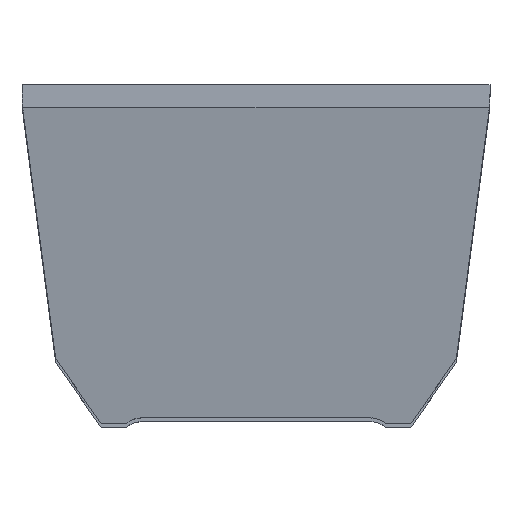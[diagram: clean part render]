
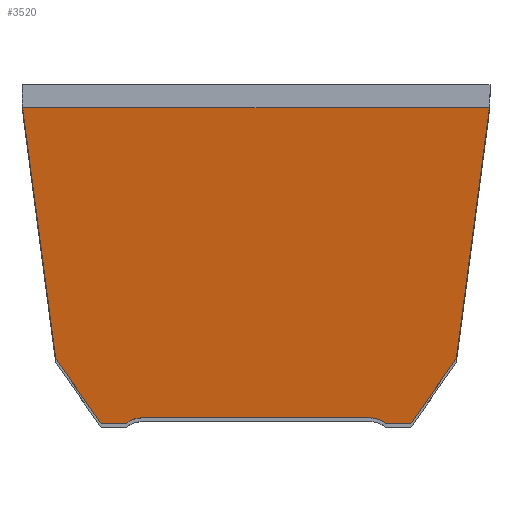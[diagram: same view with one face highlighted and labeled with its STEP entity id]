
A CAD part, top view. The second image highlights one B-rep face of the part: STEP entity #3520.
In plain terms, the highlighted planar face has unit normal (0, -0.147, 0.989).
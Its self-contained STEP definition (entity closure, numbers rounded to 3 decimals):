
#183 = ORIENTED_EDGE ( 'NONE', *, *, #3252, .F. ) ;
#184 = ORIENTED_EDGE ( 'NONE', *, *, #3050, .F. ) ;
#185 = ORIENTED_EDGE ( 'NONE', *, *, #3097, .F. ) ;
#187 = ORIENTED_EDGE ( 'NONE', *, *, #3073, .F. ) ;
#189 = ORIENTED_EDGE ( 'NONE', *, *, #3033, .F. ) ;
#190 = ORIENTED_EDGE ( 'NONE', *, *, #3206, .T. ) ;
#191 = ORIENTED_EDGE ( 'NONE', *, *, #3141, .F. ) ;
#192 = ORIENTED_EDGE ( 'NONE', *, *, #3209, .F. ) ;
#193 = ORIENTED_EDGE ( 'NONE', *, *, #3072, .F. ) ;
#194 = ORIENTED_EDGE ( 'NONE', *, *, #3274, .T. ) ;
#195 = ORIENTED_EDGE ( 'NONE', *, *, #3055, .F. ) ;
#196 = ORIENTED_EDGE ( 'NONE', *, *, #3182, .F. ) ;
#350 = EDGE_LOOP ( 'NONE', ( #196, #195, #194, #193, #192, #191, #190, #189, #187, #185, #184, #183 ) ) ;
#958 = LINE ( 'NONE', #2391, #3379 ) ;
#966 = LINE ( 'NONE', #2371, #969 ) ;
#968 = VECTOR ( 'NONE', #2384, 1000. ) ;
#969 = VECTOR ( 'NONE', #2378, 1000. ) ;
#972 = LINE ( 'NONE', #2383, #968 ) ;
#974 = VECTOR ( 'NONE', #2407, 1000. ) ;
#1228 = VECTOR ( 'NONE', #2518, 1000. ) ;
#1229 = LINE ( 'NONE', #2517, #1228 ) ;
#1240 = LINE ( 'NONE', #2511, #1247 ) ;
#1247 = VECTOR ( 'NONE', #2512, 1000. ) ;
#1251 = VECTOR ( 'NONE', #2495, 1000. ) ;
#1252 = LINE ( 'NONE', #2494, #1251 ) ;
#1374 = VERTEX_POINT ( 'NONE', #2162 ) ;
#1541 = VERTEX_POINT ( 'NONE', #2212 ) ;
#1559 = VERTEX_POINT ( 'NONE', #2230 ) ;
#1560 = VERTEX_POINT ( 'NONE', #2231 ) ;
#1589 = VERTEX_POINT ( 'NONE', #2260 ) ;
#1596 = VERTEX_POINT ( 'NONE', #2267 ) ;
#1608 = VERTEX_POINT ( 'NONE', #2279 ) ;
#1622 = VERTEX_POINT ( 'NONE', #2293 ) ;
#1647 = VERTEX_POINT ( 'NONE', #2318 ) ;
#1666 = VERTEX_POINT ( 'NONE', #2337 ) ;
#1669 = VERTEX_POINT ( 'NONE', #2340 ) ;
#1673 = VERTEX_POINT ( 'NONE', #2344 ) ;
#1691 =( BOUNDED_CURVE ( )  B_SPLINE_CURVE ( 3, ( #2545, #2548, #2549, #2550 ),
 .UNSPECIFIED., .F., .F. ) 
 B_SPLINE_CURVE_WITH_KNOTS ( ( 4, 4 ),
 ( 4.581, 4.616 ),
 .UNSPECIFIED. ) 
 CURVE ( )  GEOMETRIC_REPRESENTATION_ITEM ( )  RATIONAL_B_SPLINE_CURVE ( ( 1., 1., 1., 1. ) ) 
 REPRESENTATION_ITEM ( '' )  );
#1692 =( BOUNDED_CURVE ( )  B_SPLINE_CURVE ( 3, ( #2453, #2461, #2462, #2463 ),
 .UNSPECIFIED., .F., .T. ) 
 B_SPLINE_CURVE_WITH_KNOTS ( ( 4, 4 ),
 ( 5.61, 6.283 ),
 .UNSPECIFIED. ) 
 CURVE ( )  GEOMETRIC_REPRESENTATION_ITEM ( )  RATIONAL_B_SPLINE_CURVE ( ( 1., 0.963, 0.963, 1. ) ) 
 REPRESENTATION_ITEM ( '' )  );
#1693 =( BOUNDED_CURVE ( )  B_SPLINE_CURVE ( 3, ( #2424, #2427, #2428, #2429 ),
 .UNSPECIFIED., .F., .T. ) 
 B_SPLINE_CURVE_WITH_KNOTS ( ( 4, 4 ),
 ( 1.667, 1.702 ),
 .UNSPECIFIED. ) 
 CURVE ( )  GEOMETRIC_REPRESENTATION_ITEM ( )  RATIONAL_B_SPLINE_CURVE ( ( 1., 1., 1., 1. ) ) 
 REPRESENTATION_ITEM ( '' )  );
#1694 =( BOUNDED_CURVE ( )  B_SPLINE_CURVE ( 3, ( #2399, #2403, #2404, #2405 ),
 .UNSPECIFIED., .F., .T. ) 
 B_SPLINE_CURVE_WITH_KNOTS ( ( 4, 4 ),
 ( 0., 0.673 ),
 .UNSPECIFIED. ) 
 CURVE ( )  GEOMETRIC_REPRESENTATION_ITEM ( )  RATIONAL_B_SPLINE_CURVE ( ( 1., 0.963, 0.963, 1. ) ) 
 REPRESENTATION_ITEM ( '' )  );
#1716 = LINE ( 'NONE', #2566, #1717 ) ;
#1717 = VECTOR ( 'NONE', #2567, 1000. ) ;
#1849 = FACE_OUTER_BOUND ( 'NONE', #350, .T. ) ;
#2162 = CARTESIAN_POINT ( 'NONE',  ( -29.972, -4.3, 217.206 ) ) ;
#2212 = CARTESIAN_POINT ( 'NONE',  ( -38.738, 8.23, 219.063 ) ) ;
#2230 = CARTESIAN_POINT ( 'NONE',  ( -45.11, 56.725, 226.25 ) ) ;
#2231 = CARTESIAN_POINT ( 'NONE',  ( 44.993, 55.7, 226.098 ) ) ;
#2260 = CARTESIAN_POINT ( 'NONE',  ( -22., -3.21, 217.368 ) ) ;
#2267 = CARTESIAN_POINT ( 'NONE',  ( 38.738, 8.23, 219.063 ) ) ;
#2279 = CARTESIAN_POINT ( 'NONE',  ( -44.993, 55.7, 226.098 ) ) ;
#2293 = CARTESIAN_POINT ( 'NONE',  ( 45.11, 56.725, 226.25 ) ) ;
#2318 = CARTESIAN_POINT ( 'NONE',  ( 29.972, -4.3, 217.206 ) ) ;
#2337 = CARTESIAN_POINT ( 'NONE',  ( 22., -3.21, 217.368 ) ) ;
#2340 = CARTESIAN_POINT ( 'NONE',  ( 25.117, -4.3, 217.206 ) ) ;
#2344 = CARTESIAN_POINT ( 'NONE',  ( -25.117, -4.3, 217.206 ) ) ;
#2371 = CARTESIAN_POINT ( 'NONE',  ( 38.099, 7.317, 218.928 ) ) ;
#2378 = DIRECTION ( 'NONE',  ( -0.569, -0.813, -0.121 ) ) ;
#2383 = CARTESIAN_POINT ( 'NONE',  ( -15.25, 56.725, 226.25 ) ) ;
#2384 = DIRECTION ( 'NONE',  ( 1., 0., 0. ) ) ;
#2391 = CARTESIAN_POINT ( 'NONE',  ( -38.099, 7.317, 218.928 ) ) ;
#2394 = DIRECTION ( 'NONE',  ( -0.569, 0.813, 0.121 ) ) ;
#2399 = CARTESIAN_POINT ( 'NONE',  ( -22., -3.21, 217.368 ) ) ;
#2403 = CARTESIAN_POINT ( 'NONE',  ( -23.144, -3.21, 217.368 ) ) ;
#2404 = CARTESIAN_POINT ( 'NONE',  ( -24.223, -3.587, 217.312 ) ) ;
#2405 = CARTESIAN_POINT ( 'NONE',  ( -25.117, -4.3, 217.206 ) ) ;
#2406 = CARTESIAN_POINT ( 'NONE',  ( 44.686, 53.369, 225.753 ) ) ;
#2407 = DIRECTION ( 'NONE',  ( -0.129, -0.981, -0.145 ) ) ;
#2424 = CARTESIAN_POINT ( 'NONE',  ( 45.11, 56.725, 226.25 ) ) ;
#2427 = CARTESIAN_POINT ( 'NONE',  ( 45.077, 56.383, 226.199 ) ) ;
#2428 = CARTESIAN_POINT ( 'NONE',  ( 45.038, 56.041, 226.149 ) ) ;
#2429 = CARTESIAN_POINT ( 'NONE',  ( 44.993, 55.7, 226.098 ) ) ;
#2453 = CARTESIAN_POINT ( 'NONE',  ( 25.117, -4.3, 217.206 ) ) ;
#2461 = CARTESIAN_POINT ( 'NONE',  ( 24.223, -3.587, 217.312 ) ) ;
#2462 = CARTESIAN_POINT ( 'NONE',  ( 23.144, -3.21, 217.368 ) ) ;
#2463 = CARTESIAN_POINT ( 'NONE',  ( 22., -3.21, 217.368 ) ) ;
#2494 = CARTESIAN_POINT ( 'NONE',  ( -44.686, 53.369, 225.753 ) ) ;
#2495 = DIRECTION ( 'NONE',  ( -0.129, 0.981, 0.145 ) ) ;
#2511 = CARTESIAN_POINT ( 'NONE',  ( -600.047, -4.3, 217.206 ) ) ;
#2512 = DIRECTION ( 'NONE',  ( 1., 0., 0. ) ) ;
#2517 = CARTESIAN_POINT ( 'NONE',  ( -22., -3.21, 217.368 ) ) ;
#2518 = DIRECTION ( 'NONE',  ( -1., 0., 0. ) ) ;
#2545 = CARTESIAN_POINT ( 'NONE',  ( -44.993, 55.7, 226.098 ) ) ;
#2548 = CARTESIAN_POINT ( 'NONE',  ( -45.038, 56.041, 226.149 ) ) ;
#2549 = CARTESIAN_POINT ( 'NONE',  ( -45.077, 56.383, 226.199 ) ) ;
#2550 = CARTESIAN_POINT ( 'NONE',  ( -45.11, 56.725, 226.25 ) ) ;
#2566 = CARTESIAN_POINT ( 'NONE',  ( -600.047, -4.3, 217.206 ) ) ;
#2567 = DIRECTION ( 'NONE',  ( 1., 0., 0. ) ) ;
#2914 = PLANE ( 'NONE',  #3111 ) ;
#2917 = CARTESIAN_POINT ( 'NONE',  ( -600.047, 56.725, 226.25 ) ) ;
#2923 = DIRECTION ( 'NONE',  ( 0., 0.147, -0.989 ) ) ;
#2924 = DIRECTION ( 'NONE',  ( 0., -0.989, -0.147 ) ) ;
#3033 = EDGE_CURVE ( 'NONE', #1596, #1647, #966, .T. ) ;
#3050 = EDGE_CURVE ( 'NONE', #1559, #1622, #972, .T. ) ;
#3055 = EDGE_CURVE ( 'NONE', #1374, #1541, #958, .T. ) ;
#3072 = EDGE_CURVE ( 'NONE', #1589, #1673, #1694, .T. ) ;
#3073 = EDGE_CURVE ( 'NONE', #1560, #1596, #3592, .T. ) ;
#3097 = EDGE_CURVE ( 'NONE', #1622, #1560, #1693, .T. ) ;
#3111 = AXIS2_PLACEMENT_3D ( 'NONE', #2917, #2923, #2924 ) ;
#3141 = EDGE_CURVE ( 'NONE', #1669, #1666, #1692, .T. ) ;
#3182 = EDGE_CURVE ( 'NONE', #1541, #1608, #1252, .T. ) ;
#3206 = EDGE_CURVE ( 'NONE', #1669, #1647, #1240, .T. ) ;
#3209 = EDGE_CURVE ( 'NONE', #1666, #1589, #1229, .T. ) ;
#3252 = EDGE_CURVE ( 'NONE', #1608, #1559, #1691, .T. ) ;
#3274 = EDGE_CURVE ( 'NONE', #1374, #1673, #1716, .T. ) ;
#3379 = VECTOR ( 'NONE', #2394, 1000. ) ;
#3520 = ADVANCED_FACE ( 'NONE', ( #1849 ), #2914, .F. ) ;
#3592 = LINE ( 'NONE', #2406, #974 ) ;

**Task directions:** From the records above, copy only the lines running from the line containing "[diagram: same view" to the line containing "#1673 = VERTEX_POINT ( 'NONE', #2344 ) ;", both ends included. Leave the pictures out.

**Final answer:**
[diagram: same view with one face highlighted and labeled with its STEP entity id]
A CAD part, top view. The second image highlights one B-rep face of the part: STEP entity #3520.
In plain terms, the highlighted planar face has unit normal (0, -0.147, 0.989).
Its self-contained STEP definition (entity closure, numbers rounded to 3 decimals):
#183 = ORIENTED_EDGE ( 'NONE', *, *, #3252, .F. ) ;
#184 = ORIENTED_EDGE ( 'NONE', *, *, #3050, .F. ) ;
#185 = ORIENTED_EDGE ( 'NONE', *, *, #3097, .F. ) ;
#187 = ORIENTED_EDGE ( 'NONE', *, *, #3073, .F. ) ;
#189 = ORIENTED_EDGE ( 'NONE', *, *, #3033, .F. ) ;
#190 = ORIENTED_EDGE ( 'NONE', *, *, #3206, .T. ) ;
#191 = ORIENTED_EDGE ( 'NONE', *, *, #3141, .F. ) ;
#192 = ORIENTED_EDGE ( 'NONE', *, *, #3209, .F. ) ;
#193 = ORIENTED_EDGE ( 'NONE', *, *, #3072, .F. ) ;
#194 = ORIENTED_EDGE ( 'NONE', *, *, #3274, .T. ) ;
#195 = ORIENTED_EDGE ( 'NONE', *, *, #3055, .F. ) ;
#196 = ORIENTED_EDGE ( 'NONE', *, *, #3182, .F. ) ;
#350 = EDGE_LOOP ( 'NONE', ( #196, #195, #194, #193, #192, #191, #190, #189, #187, #185, #184, #183 ) ) ;
#958 = LINE ( 'NONE', #2391, #3379 ) ;
#966 = LINE ( 'NONE', #2371, #969 ) ;
#968 = VECTOR ( 'NONE', #2384, 1000. ) ;
#969 = VECTOR ( 'NONE', #2378, 1000. ) ;
#972 = LINE ( 'NONE', #2383, #968 ) ;
#974 = VECTOR ( 'NONE', #2407, 1000. ) ;
#1228 = VECTOR ( 'NONE', #2518, 1000. ) ;
#1229 = LINE ( 'NONE', #2517, #1228 ) ;
#1240 = LINE ( 'NONE', #2511, #1247 ) ;
#1247 = VECTOR ( 'NONE', #2512, 1000. ) ;
#1251 = VECTOR ( 'NONE', #2495, 1000. ) ;
#1252 = LINE ( 'NONE', #2494, #1251 ) ;
#1374 = VERTEX_POINT ( 'NONE', #2162 ) ;
#1541 = VERTEX_POINT ( 'NONE', #2212 ) ;
#1559 = VERTEX_POINT ( 'NONE', #2230 ) ;
#1560 = VERTEX_POINT ( 'NONE', #2231 ) ;
#1589 = VERTEX_POINT ( 'NONE', #2260 ) ;
#1596 = VERTEX_POINT ( 'NONE', #2267 ) ;
#1608 = VERTEX_POINT ( 'NONE', #2279 ) ;
#1622 = VERTEX_POINT ( 'NONE', #2293 ) ;
#1647 = VERTEX_POINT ( 'NONE', #2318 ) ;
#1666 = VERTEX_POINT ( 'NONE', #2337 ) ;
#1669 = VERTEX_POINT ( 'NONE', #2340 ) ;
#1673 = VERTEX_POINT ( 'NONE', #2344 ) ;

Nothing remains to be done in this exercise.